[Records from a data source]
=== Begin Enclosure ===

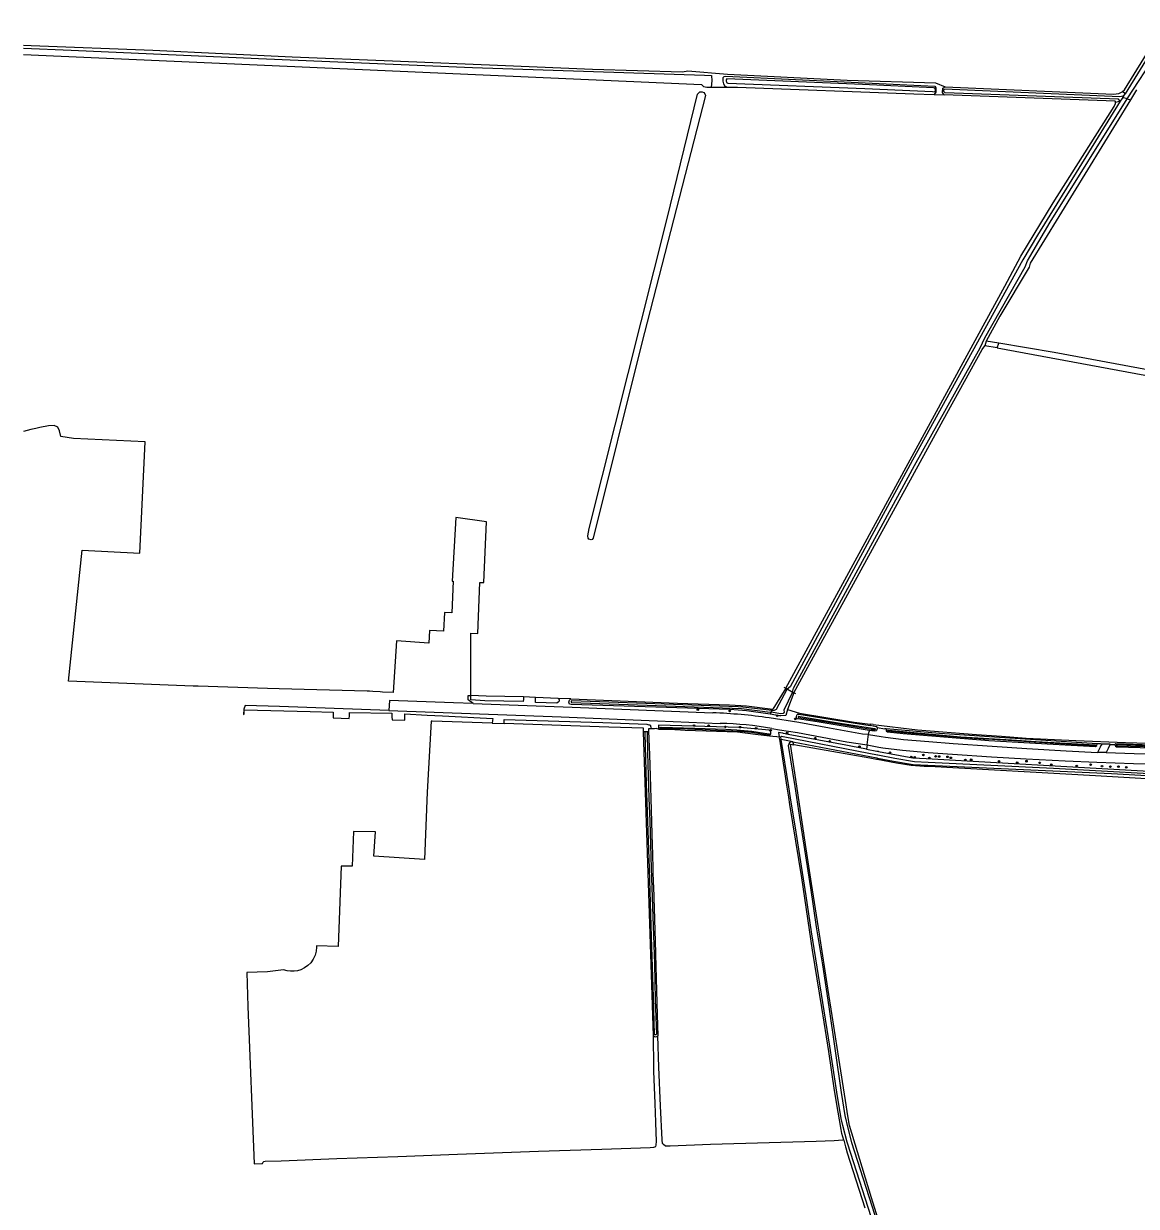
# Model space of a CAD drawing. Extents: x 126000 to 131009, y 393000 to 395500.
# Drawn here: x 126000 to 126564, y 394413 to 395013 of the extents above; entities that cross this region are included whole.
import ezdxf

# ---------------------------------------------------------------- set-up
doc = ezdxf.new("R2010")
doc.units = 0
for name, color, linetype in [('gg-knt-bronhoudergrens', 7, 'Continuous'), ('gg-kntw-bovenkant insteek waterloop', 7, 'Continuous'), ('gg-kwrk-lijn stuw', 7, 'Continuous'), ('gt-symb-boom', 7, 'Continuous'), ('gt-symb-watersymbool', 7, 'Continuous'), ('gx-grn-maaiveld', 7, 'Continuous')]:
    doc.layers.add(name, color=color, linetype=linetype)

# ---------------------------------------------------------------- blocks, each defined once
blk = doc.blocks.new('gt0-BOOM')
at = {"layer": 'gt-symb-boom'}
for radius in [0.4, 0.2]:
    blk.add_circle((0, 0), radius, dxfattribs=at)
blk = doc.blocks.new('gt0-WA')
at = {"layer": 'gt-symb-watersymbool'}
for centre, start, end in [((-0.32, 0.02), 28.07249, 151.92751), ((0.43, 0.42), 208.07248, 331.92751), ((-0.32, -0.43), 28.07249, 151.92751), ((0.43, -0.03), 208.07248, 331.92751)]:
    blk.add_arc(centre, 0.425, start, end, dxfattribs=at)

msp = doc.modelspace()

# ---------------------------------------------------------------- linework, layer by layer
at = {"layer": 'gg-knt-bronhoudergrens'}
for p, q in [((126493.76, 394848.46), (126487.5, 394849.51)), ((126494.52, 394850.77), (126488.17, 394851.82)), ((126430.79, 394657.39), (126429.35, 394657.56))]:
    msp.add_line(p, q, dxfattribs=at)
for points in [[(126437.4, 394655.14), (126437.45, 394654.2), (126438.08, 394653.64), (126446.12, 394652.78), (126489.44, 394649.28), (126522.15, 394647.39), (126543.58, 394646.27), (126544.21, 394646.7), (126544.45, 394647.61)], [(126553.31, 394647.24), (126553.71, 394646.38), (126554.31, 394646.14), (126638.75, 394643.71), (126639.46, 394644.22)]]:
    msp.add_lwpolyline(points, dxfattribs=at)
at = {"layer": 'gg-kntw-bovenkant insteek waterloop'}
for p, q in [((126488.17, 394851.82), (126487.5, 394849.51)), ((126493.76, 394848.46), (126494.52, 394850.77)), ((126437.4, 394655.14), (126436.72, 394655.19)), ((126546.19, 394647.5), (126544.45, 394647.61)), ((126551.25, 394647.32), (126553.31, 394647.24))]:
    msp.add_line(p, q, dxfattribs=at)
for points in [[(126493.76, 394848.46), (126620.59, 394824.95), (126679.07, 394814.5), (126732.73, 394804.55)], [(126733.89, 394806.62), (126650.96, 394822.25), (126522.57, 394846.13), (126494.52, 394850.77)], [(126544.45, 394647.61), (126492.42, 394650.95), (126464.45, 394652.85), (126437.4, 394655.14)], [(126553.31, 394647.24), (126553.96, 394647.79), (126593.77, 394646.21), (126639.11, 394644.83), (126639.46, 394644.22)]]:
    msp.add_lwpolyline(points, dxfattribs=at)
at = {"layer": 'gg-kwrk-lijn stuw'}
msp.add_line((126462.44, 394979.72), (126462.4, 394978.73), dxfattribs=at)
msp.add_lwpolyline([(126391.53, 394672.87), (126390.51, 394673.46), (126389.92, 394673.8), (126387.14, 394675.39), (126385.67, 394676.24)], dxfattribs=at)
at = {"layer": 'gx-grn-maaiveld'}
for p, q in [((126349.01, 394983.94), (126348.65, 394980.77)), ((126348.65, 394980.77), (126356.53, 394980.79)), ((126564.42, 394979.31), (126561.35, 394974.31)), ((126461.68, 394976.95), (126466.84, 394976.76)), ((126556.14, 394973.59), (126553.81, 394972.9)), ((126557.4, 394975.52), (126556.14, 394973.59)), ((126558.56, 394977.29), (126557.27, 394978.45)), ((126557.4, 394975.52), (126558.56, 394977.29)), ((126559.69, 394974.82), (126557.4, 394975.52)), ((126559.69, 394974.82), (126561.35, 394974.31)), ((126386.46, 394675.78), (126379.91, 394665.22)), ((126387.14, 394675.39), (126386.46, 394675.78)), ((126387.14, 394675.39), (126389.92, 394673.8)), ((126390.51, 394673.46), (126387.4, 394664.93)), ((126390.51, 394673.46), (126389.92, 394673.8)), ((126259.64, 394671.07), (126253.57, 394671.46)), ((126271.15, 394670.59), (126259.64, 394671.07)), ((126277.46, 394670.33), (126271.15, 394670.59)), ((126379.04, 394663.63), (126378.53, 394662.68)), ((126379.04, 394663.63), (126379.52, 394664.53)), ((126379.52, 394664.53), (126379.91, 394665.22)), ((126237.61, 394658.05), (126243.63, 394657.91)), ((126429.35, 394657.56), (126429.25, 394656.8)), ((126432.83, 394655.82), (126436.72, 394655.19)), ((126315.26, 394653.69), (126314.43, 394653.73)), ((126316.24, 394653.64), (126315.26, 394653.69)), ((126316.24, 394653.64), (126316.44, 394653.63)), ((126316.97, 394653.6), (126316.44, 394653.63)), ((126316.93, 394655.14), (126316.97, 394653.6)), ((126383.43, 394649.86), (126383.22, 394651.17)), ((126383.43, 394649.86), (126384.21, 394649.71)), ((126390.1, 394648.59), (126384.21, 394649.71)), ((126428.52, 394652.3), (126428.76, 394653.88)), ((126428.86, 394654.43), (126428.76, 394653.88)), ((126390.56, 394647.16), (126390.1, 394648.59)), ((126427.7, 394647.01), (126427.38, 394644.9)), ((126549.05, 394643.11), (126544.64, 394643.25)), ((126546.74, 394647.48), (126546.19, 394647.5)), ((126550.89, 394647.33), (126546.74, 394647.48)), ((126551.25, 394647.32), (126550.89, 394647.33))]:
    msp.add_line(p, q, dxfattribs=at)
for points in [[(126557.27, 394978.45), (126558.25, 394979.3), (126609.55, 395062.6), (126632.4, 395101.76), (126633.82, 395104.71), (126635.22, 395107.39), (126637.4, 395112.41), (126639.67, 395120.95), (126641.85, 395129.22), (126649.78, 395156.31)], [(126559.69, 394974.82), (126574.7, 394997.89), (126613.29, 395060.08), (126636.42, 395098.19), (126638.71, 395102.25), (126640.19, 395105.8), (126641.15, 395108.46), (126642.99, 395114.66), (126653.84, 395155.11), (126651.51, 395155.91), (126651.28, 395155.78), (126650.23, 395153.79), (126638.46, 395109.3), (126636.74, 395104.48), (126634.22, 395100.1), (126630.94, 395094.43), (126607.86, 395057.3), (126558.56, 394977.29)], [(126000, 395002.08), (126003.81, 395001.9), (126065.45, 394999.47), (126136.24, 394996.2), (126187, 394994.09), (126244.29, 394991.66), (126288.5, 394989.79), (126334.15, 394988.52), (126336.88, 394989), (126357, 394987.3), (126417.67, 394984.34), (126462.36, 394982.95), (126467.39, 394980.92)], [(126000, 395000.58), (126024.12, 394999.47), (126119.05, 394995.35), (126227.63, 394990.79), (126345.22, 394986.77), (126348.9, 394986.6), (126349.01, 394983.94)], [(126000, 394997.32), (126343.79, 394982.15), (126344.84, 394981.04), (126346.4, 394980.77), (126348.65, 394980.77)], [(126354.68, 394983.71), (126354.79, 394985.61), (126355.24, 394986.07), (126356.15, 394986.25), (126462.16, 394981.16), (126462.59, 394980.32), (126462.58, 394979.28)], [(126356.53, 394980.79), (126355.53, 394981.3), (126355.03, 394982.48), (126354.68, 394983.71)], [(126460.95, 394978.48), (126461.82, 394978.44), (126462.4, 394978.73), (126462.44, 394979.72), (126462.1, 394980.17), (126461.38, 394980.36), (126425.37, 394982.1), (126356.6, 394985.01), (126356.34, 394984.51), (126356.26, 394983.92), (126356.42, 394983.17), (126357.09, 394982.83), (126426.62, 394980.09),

=== End Enclosure ===

Look through the data above. Find each line with the string "blocks" and copy it.

# ---------------------------------------------------------------- blocks, each defined once
blk = doc.blocks.new('gt0-BOOM')
blk = doc.blocks.new('gt0-WA')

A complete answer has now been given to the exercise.